The ultimate goal of decentralization is to leverage software to make money more efficient and more customizable for individual needs. The best way to achieve decentralization is for for people to hold assets in non-custodial wallets — essentially to have access to easy-to-use personalized digital vaults that interact with outside services.
Storing assets in a non-custodial wallet lets people control the number of off-switches and take full advantage of the security enabled by holding a private key.
There is a purity in the idea, or at least a strong philosophical underpinning, that a person could use software deployed on the internet to securely share money, assets, or data with anyone else in the world, and not need layers of handlers in between.

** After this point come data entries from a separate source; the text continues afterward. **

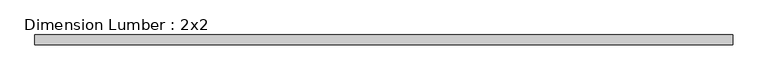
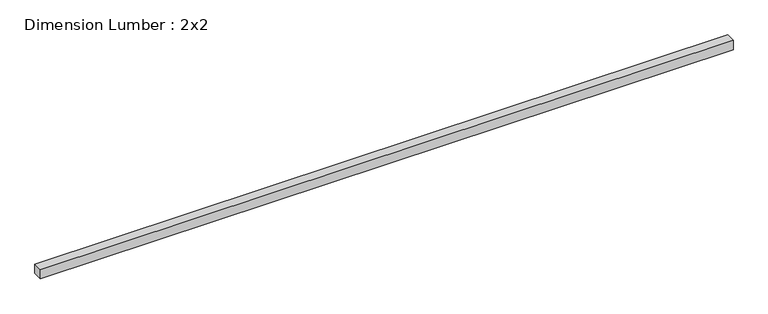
"""IFC4 building model written with IfcOpenShell, lengths in millimetres: beam geometry, Dimension Lumber : 2x2."""

import ifcopenshell
import ifcopenshell.guid

model = None  # the IFC model being written
_history = None  # IfcOwnerHistory: only IFC2X3 demands one
_inside = {}  # id of a spatial element -> (the spatial element, [elements in it])
_under = {}  # id of a project, library or spatial element -> (it, [spatial elements below it])
_declared = {}  # id of a project -> (the project, [libraries it declares])
_typed = {}  # id of a type object -> (the type object, [elements of that type])
_made_of = {}  # id of a material, layer set ... -> (it, [elements and type objects made of it])


def new_model(schema):
    """Start an empty IFC model of exactly this schema.

    Asked for "IFC4X3", IfcOpenShell would pick the latest addendum, in which some entities
    have other attributes; the version numbers below select the first issue.
    IFC2X3 requires an IfcOwnerHistory on every rooted entity: one is made here for all.
    """
    global model, _history
    if schema == "IFC4X3":
        model = ifcopenshell.file(schema_version=(4, 3, 0, 0))
    else:
        model = ifcopenshell.file(schema=schema)
    _inside.clear()
    _under.clear()
    _declared.clear()
    _typed.clear()
    _made_of.clear()
    _history = None
    if model.schema == "IFC2X3":
        org = make("IfcOrganization", Name="unknown")
        user = make(
            "IfcPersonAndOrganization",
            ThePerson=make("IfcPerson", FamilyName="unknown"),
            TheOrganization=org,
        )
        app = make(
            "IfcApplication",
            ApplicationDeveloper=org,
            Version="unknown",
            ApplicationFullName="unknown",
            ApplicationIdentifier="unknown",
        )
        _history = make(
            "IfcOwnerHistory",
            OwningUser=user,
            OwningApplication=app,
            ChangeAction="ADDED",
            CreationDate=0,
        )
    return model


def make(cls, **values):
    """One entity of the class cls with the attributes given. An attribute that is None is left unset."""
    return model.create_entity(
        cls, **{name: value for name, value in values.items() if value is not None}
    )


def rooted(cls, **values):
    """An entity with a GlobalId (a new one), such as an element, a storey or a relation."""
    return make(cls, GlobalId=ifcopenshell.guid.new(), OwnerHistory=_history, **values)


def si_unit(unit_type, name, prefix=None):
    """IfcSIUnit, for example si_unit("LENGTHUNIT", "METRE", prefix="MILLI")."""
    return make("IfcSIUnit", UnitType=unit_type, Prefix=prefix, Name=name)


def assignment(units):
    """IfcUnitAssignment: the units of a project."""
    return None if units is None else make("IfcUnitAssignment", Units=units)


def point(xyz):
    """IfcCartesianPoint."""
    return None if xyz is None else make("IfcCartesianPoint", Coordinates=xyz)


def direction(xyz):
    """IfcDirection."""
    return None if xyz is None else make("IfcDirection", DirectionRatios=xyz)


def frame(location, z_axis=None, x_axis=None):
    """IfcAxis2Placement3D, a coordinate frame: its origin and axes. An axis left out is left unset."""
    return make(
        "IfcAxis2Placement3D",
        Location=point(location),
        Axis=direction(z_axis),
        RefDirection=direction(x_axis),
    )


def origin():
    """The frame at (0, 0, 0) with its axes left unset."""
    return frame((0.0, 0.0, 0.0))


def place(relative_to, where):
    """IfcLocalPlacement: puts the frame where relative to a parent placement (None: the world)."""
    return make(
        "IfcLocalPlacement", PlacementRelTo=relative_to, RelativePlacement=where
    )


def context(
    kind, dimensions, precision=None, world=None, true_north=None, identifier=None
):
    """IfcGeometricRepresentationContext, for example the 3D "Model" context."""
    return make(
        "IfcGeometricRepresentationContext",
        ContextIdentifier=identifier,
        ContextType=kind,
        CoordinateSpaceDimension=dimensions,
        Precision=precision,
        WorldCoordinateSystem=world,
        TrueNorth=true_north,
    )


def project(units=None, contexts=None):
    """IfcProject with its units and contexts."""
    return rooted(
        "IfcProject",
        Name="project",
        RepresentationContexts=contexts,
        UnitsInContext=assignment(units),
    )


def spatial(cls, under=None, at=None, **own):
    """A site, building, storey or space (cls), placed at a placement, below another one or the project."""
    s = rooted(cls, ObjectPlacement=at, **own)
    if under is not None:
        _under.setdefault(under.id(), (under, []))[1].append(s)
    return s


def polyline(points):
    """IfcPolyline through the points."""
    return make("IfcPolyline", Points=[point(p) for p in points])


def outline(outer, holes=None, kind="AREA"):
    """IfcArbitraryClosedProfileDef: a profile drawn as a closed curve; with holes, ...WithVoids."""
    if holes is None:
        return make("IfcArbitraryClosedProfileDef", ProfileType=kind, OuterCurve=outer)
    return make(
        "IfcArbitraryProfileDefWithVoids",
        ProfileType=kind,
        OuterCurve=outer,
        InnerCurves=holes,
    )


def extrude(swept, where, along, depth):
    """IfcExtrudedAreaSolid: the profile swept, set in the frame where, extruded along a direction by depth."""
    return make(
        "IfcExtrudedAreaSolid",
        SweptArea=swept,
        Position=where,
        ExtrudedDirection=direction(along),
        Depth=depth,
    )


def shape(context_of_items, identifier, shape_type, items):
    """IfcShapeRepresentation: the items that make up one representation, for example the "Body"."""
    return make(
        "IfcShapeRepresentation",
        ContextOfItems=context_of_items,
        RepresentationIdentifier=identifier,
        RepresentationType=shape_type,
        Items=items,
    )


def source(mapping_origin, context_of_items, identifier, shape_type, items):
    """IfcRepresentationMap: a shape defined once, which mapped items show again and again."""
    return make(
        "IfcRepresentationMap",
        MappingOrigin=mapping_origin,
        MappedRepresentation=shape(context_of_items, identifier, shape_type, items),
    )


def transform(
    local_origin,
    x_axis=None,
    y_axis=None,
    z_axis=None,
    scale=None,
    scale2=None,
    scale3=None,
    uniform=True,
):
    """IfcCartesianTransformationOperator3D, or its non-uniform kind. x_axis, y_axis, z_axis: its Axis1, 2, 3."""
    if uniform:
        return make(
            "IfcCartesianTransformationOperator3D",
            Axis1=direction(x_axis),
            Axis2=direction(y_axis),
            LocalOrigin=point(local_origin),
            Scale=scale,
            Axis3=direction(z_axis),
        )
    return make(
        "IfcCartesianTransformationOperator3DnonUniform",
        Axis1=direction(x_axis),
        Axis2=direction(y_axis),
        LocalOrigin=point(local_origin),
        Scale=scale,
        Axis3=direction(z_axis),
        Scale2=scale2,
        Scale3=scale3,
    )


def mapped(mapping_source, mapping_target):
    """IfcMappedItem: shows the shape of a source again, moved by a transform."""
    return make(
        "IfcMappedItem", MappingSource=mapping_source, MappingTarget=mapping_target
    )


def made_of(thing, what):
    """Note that an element or type object is made of a material, layer set ...; save() writes the relation."""
    if what is not None:
        _made_of.setdefault(what.id(), (what, []))[1].append(thing)
    return thing


def element(
    cls,
    number,
    at=None,
    inside=None,
    cuts=None,
    type_object=None,
    material=None,
    context=None,
    identifier="Body",
    shape_type=None,
    held_by="IfcProductDefinitionShape",
    body=None,
    shapes=None,
    **own,
):
    """One element of the class cls, such as IfcWall. Its Tag is "e" and its number.

    at: its placement. inside: the storey or other place that contains it. cuts: it is an
    opening in that element (IfcRelVoidsElement). A single representation is given by context,
    identifier, shape_type and body (its items); several are given by shapes. held_by: the class
    of the entity that holds the representations. save() writes the other relations.
    """
    e = rooted(cls, Tag="e%d" % number, ObjectPlacement=at, **own)
    if body is not None:
        shapes = [shape(context, identifier, shape_type, body)]
    if shapes is not None:
        e.Representation = make(held_by, Representations=shapes)
    if inside is not None:
        _inside.setdefault(inside.id(), (inside, []))[1].append(e)
    if cuts is not None:
        rooted(
            "IfcRelVoidsElement", RelatingBuildingElement=cuts, RelatedOpeningElement=e
        )
    if type_object is not None:
        _typed.setdefault(type_object.id(), (type_object, []))[1].append(e)
    return made_of(e, material)


def aggregate(whole, parts):
    """IfcRelAggregates: a whole, such as a stair, and the parts it consists of."""
    return rooted("IfcRelAggregates", RelatingObject=whole, RelatedObjects=parts)


def save(model, path):
    """Write the relations noted so far, then the file.

    IfcRelAggregates (storeys below a building ...), IfcRelContainedInSpatialStructure (elements
    in a storey), IfcRelDefinesByType, IfcRelAssociatesMaterial and IfcRelDeclares: one each for
    every whole, place, type object, material and project.
    """
    for whole, parts in _under.values():
        aggregate(whole, parts)
    for where, things in _inside.values():
        rooted(
            "IfcRelContainedInSpatialStructure",
            RelatedElements=things,
            RelatingStructure=where,
        )
    for kind, things in _typed.values():
        rooted("IfcRelDefinesByType", RelatedObjects=things, RelatingType=kind)
    for what, things in _made_of.values():
        rooted("IfcRelAssociatesMaterial", RelatedObjects=things, RelatingMaterial=what)
    for by, libraries in _declared.values():
        rooted("IfcRelDeclares", RelatingContext=by, RelatedDefinitions=libraries)
    model.write(path)


def dimension_lumber_2x2_a1c87f7b(model_context):
    return source(origin(), model_context, "Body", "SweptSolid", [
        extrude(outline(polyline([(1371.6, 19.05), (1371.6, -19.05), (-1371.6, -19.05), (-1371.6, 19.05), (1371.6, 19.05)])), frame((0.0, 0.0, -19.05), z_axis=(0.0, 0.0, 1.0), x_axis=(1.0, 0.0, 0.0)), (0.0, 0.0, 1.0), 38.1),
    ])


if __name__ == "__main__":
    model = new_model("IFC4")
    model_context = context("Model", 3, world=origin())
    ifc_project = project(units=[si_unit("LENGTHUNIT", "METRE", prefix="MILLI")], contexts=[model_context])
    site = spatial("IfcSite", under=ifc_project)
    building = spatial("IfcBuilding", under=site)
    placement = place(None, origin())
    dimension_lumber_2x2_shape = dimension_lumber_2x2_a1c87f7b(model_context)
    element("IfcBeam", 1, ObjectType="Dimension Lumber : 2x2", at=placement, inside=building, context=model_context, shape_type="MappedRepresentation", body=[
        mapped(dimension_lumber_2x2_shape, transform((0.0, 0.0, 0.0), x_axis=(1.0, 0.0, 0.0), y_axis=(0.0, 1.0, 0.0), z_axis=(0.0, 0.0, 1.0))),
    ])
    save(model, "model.ifc")

Ultimately, a completely decentralized system offers total ownership. In some ways, it’s about self-reliance in a time of digital dependence. Maybe during the rise of artificial intelligence, this becomes even more important.
Of course, this ideal of frictionless movement of financial and information resources does have its potential downsides — easily moving money across jurisdictions and around the world helps criminals as much as it helps small businesses, or far-flung families, or people who just want to be able to store their own assets as the banking sector goes through a historic meltdown.
And in the last few months there have been a number of reports, both from the crypto industry (here’s a recap of a crypto crime in 2023 report) and from the federal government examining how decentralized finance tools particularly are used by criminal to launder money, conduct scams, and generally avoid the existing financial safety guardrails.
DeFi is in the spotlight because there is an uptick in criminal activity on its growing universe of apps and services. There is an uptick of criminal activity because there has been an explosion of growth in the DeFi sector.
One of the offshoots of that explosive growth in overall usage is the number of analytics and data services that allow DeFi users to query on-chain information and see what is happening in almost real-time. The proliferation of easy-to-use data analytics services gives an overall better picture of what is happening “on-chain.”
And it turns out there are a lot of scams, digital heists, and old-fashioned money laundering taking place on-chain. It’s not to say that this is a dominate use of DeFi. In fact, by comparison, it’s a relatively small portion of the overall market. And it’s not to say that there is anything particularly novel about on-chain financial crime.
In fact, most criminals probably still prefer to get paid in cash, and to launder money in cash. It’s easier to hide because there’s no trail. After all, there aren’t a whole lot of analytics companies making easy to digest dashboards about how each $100 bill is moving. And, while DeFi has a promising future, it is still dwarfed by the hard to trace dollar-backed system. As of 2022 there was 18.5 billion $100 bills in circulation around the world (the number continues to increase — it was half that amount in 2013).
The Treasury Department’s report even says as much, “this risk assessment recognizes that most money laundering, terrorist financing, and proliferation financing by volume and value of transactions occurs in fiat currency or otherwise outside the virtual asset ecosystem via more traditional methods.”
Nevertheless, one of the advantages of DeFi is the sense of transparency. What’s fascinating about the state of DeFi right now is that we can watch how money moves.
And it’s in the movement — or through the transparency of the the underlying public blockchain technology — that a real definition of decentralized will emerge.
Ultimately, the picture will start to show that decentralized apps and services that ultimately rely on traditional web2, centralized tech will run into regulatory and technical challenges, while apps and services that are built on the crypto primitives of permissionless access and private key management will be successful — and ultimately easier to understand.